During brain cancer surgery, the surgeon will make an incision in the scalp and use a special type of saw to remove a piece of skull bone. When most or all of the tumor has been removed, the surgeon will close the incision in the scalp. Patients who cannot have brain cancer surgery may receive radiation or other treatments.

Brain Cancer Surgery: An Overview

Brain cancer surgery is the most common treatment for brain tumors. Surgery to open the skull is called a craniotomy, and this type of surgery is performed under general anesthesia. Before brain cancer surgery begins, the scalp will need to be shaved. The surgeon will then make an incision in the scalp and use a special type of saw to remove a piece of bone from the skull. After removing part or all of the tumor, the surgeon will cover the opening in the skull with that piece of bone or with a piece of metal or fabric. The surgeon will then close the incision in the scalp.
 
In some cases, brain cancer surgery is not possible. If the tumor is in the brain stem, for example, the surgeon may not be able to remove the tumor without damaging normal brain tissue. Patients who cannot have brain cancer surgery may receive radiation or other brain cancer treatment.
 

Brain Cancer Surgery: Recovery and Possible Side Effects

Possible side effects after brain cancer surgery include:
 
  • A headache and feeling uncomfortable for the first few days after surgery.

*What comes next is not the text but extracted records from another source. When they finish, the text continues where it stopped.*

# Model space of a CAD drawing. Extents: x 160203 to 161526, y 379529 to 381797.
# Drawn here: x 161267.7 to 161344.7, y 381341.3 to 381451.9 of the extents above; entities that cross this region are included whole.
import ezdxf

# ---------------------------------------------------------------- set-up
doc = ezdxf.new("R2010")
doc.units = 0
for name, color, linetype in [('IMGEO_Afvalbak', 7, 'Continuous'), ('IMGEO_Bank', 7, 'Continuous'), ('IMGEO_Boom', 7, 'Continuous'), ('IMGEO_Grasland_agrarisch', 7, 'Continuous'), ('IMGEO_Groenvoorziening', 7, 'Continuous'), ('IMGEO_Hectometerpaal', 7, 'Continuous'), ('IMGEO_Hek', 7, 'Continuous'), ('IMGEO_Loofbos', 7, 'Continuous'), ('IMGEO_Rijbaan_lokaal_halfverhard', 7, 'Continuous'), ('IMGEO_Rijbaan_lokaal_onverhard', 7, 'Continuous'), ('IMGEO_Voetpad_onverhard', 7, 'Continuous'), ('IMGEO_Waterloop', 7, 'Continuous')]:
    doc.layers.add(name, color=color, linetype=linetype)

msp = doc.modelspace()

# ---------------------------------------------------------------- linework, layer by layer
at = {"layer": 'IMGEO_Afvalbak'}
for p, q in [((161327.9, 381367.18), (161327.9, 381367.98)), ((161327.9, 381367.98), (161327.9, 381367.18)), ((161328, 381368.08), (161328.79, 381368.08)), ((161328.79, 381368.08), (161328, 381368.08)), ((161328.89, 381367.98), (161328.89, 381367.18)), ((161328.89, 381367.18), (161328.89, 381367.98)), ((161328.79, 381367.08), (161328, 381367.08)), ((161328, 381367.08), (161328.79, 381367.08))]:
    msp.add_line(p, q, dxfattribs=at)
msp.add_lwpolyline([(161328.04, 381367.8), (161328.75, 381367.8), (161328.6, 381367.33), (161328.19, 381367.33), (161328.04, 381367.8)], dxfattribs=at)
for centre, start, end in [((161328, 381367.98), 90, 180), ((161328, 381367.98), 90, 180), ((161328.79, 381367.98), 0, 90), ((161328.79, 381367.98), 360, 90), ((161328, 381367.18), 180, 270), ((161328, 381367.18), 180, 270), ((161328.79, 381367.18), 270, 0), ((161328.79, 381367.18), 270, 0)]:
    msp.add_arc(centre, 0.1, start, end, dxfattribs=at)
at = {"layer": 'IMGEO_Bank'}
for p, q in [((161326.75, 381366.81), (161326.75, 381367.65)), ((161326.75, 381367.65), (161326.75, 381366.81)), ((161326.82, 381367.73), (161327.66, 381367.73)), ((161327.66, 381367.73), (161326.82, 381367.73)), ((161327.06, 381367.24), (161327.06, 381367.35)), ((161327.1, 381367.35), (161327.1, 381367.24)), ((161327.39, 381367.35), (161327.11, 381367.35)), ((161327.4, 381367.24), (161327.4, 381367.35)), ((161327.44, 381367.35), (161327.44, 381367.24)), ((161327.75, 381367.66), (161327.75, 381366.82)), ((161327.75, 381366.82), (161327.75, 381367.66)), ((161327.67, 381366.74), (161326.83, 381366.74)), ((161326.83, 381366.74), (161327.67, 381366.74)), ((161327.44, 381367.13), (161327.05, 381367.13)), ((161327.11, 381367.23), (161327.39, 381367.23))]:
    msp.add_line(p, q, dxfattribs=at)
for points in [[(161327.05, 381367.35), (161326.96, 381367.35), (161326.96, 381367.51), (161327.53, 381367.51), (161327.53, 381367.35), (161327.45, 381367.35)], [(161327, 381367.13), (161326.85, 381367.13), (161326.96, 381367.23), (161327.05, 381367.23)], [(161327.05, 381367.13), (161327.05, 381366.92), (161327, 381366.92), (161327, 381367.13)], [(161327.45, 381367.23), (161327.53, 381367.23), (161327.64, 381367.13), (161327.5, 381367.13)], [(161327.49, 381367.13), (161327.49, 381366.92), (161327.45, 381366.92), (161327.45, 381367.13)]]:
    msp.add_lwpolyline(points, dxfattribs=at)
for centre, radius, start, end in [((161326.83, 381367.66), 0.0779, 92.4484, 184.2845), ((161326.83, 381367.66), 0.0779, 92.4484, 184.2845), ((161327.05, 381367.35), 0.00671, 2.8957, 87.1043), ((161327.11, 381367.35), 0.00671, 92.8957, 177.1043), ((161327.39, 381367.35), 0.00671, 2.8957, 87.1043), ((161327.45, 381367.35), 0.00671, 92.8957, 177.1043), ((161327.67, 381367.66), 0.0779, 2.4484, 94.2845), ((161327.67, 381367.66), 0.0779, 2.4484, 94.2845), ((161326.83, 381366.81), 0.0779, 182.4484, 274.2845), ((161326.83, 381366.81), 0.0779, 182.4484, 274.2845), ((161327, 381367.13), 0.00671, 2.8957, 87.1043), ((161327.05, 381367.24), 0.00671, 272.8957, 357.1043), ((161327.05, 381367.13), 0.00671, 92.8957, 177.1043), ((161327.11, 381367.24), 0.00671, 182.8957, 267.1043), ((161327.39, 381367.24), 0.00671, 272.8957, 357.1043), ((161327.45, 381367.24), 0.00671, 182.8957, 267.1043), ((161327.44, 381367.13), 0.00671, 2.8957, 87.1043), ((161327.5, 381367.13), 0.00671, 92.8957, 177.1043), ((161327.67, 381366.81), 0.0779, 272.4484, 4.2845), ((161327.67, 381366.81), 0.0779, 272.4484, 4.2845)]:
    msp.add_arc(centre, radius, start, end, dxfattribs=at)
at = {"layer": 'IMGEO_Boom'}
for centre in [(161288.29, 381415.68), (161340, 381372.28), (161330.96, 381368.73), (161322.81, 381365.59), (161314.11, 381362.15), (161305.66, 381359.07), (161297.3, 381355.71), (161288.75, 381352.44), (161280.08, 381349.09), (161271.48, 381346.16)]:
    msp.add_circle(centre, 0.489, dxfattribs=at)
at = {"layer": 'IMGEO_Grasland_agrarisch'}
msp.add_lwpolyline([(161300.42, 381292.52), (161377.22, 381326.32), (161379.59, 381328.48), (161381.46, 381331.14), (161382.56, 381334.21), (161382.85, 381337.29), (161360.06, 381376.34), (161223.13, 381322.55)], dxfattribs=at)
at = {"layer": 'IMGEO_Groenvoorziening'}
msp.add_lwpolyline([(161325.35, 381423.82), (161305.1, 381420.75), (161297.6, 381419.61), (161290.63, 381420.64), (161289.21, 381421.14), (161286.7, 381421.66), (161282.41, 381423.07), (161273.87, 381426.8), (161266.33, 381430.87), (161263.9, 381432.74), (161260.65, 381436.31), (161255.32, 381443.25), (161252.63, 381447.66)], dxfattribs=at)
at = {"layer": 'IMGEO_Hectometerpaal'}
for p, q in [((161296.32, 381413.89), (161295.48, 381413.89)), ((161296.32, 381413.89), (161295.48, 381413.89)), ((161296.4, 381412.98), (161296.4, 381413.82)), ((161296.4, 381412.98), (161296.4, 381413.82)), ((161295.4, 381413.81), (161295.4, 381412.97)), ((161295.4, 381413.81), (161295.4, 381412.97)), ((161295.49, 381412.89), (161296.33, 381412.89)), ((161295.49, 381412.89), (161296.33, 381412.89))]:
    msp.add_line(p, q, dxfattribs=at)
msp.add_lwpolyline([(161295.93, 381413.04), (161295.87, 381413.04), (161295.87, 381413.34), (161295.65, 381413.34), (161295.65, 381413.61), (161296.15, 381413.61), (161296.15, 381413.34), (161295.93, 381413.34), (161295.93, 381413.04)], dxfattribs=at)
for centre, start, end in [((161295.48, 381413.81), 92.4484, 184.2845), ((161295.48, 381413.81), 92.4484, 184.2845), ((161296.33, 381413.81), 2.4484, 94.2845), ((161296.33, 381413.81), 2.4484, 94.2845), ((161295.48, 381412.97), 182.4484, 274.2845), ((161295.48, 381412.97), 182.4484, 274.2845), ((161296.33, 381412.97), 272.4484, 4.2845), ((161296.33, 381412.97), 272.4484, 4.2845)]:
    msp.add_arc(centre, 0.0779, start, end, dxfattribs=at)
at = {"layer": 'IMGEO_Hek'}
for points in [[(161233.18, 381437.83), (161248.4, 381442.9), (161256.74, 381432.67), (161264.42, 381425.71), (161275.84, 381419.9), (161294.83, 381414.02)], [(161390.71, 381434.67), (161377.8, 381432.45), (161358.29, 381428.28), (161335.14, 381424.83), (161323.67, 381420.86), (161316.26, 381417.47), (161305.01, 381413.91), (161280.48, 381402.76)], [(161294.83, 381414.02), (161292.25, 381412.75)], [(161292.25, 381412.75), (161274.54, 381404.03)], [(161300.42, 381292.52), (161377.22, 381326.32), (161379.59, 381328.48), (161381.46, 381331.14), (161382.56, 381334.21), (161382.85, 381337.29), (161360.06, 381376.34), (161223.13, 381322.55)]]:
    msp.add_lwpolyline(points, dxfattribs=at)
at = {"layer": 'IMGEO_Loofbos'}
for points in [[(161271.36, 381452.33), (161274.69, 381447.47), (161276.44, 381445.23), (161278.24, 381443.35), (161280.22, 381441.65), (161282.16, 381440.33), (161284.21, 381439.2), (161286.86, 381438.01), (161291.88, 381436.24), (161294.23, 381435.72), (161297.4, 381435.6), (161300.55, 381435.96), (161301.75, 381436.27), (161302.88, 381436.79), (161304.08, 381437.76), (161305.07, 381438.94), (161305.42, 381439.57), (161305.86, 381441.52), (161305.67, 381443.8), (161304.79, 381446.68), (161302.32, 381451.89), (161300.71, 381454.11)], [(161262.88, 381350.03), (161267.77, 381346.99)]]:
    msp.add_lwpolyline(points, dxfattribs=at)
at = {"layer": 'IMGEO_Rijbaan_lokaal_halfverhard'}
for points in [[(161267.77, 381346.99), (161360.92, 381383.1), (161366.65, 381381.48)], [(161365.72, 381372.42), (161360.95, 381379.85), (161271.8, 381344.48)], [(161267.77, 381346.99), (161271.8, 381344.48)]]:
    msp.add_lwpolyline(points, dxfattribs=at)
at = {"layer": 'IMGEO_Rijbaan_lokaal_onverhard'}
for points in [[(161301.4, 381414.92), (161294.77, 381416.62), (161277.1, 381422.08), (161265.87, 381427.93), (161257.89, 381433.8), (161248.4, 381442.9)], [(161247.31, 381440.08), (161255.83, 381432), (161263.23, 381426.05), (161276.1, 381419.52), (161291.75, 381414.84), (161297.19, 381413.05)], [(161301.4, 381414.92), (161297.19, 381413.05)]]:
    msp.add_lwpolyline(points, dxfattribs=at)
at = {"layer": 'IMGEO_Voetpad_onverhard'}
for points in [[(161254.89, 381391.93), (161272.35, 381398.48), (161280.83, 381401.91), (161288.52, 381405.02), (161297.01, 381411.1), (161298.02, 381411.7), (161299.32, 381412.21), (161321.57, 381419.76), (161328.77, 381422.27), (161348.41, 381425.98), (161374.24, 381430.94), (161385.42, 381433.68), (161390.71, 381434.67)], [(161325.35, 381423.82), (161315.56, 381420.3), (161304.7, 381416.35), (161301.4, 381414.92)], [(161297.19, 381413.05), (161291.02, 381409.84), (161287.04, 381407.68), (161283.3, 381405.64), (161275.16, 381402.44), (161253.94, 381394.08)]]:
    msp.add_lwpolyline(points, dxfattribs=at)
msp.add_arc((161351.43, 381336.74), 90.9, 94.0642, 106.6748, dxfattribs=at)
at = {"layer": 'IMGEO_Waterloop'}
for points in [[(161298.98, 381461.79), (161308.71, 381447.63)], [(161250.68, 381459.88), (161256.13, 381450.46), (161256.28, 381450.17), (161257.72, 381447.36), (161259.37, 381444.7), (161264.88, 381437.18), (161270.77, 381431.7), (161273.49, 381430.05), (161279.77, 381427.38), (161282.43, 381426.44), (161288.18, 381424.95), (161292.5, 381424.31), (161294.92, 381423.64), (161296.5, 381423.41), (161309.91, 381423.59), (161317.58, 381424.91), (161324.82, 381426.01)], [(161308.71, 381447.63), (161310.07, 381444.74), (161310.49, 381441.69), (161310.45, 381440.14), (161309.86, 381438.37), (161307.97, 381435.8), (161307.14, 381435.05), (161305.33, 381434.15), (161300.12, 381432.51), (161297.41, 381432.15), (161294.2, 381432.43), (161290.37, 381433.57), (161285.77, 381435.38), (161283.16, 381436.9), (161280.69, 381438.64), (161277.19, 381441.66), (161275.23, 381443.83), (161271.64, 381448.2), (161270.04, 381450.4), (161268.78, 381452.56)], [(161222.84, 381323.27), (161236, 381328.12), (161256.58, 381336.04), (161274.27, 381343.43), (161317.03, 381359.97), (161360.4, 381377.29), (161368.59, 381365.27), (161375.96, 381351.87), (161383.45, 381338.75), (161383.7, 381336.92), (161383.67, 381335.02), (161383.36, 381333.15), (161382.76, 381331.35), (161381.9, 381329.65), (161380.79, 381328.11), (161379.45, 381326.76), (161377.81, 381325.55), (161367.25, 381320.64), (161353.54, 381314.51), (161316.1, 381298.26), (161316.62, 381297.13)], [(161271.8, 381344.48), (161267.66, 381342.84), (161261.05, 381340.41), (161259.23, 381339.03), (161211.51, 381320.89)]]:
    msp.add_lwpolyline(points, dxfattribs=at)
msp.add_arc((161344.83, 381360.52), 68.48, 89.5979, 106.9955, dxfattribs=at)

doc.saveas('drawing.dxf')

However, medicine can usually control the pain. Patients should feel free to discuss options for pain relief with their doctor or nurse.
     
  • Feeling tired or weak. The length of time it takes to recover from an operation varies for each patient.
     
  • Cerebrospinal fluid or blood may build up in the brain. This swelling is called edema. The patient may receive steroids to help relieve swelling, and a second brain cancer surgery may be needed to drain the fluid. In order to drain the fluid, the surgeon may place a long, thin tube (shunt) in a ventricle of the brain that will be threaded under the skin to another part of the body (usually the abdomen). Excess fluid is then carried from the brain and drained away. In some cases, the fluid is drained into the heart instead.
     
  • Infection. If an infection occurs, the healthcare team will need to give the patient an antibiotic.
     
Brain cancer surgery may damage normal tissue, which can be a serious problem. Patients may have problems thinking, seeing, or speaking, and they may also have personality changes or seizures. Most of these problems lessen or disappear with time. However, damage to the brain can be permanent. Patients who have damage to their normal tissue may need physical therapy, speech therapy, or occupational therapy.